• [Task requirements] The lines to copy are those in the records below that hold the word "MUFFLER".
** Provided records follows **
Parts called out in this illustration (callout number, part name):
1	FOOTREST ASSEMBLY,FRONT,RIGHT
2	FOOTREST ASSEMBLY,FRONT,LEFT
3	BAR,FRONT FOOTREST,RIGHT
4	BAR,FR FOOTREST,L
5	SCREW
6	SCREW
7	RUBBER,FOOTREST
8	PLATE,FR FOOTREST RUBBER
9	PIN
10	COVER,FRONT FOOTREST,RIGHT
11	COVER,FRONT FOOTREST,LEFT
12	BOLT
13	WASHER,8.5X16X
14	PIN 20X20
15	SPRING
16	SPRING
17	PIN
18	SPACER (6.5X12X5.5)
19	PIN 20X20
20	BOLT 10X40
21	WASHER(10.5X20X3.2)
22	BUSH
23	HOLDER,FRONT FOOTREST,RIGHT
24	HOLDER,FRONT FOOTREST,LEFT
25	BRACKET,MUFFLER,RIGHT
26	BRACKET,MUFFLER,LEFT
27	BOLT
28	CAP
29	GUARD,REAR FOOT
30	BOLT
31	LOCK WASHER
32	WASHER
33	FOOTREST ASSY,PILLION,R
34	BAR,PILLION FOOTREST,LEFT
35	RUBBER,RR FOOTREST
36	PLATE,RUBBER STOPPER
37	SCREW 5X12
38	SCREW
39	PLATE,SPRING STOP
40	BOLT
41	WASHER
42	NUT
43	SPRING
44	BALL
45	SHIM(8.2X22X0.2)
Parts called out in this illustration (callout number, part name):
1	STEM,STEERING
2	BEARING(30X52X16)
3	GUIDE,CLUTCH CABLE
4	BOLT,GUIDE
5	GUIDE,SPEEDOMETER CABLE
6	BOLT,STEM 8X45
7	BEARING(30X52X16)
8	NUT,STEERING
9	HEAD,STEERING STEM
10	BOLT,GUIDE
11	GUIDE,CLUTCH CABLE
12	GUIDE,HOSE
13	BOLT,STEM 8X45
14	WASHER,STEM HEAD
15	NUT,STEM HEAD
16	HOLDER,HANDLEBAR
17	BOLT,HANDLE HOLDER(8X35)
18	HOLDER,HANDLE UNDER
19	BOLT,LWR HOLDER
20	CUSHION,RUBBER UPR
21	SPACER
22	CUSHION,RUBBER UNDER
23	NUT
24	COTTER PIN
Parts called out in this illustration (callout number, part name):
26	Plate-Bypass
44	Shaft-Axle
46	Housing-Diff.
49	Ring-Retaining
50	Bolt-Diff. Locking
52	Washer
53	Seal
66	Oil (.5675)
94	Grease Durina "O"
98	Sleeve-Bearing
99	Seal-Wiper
** End of Provided records **
• [Answer space]
25	BRACKET,MUFFLER,RIGHT
26	BRACKET,MUFFLER,LEFT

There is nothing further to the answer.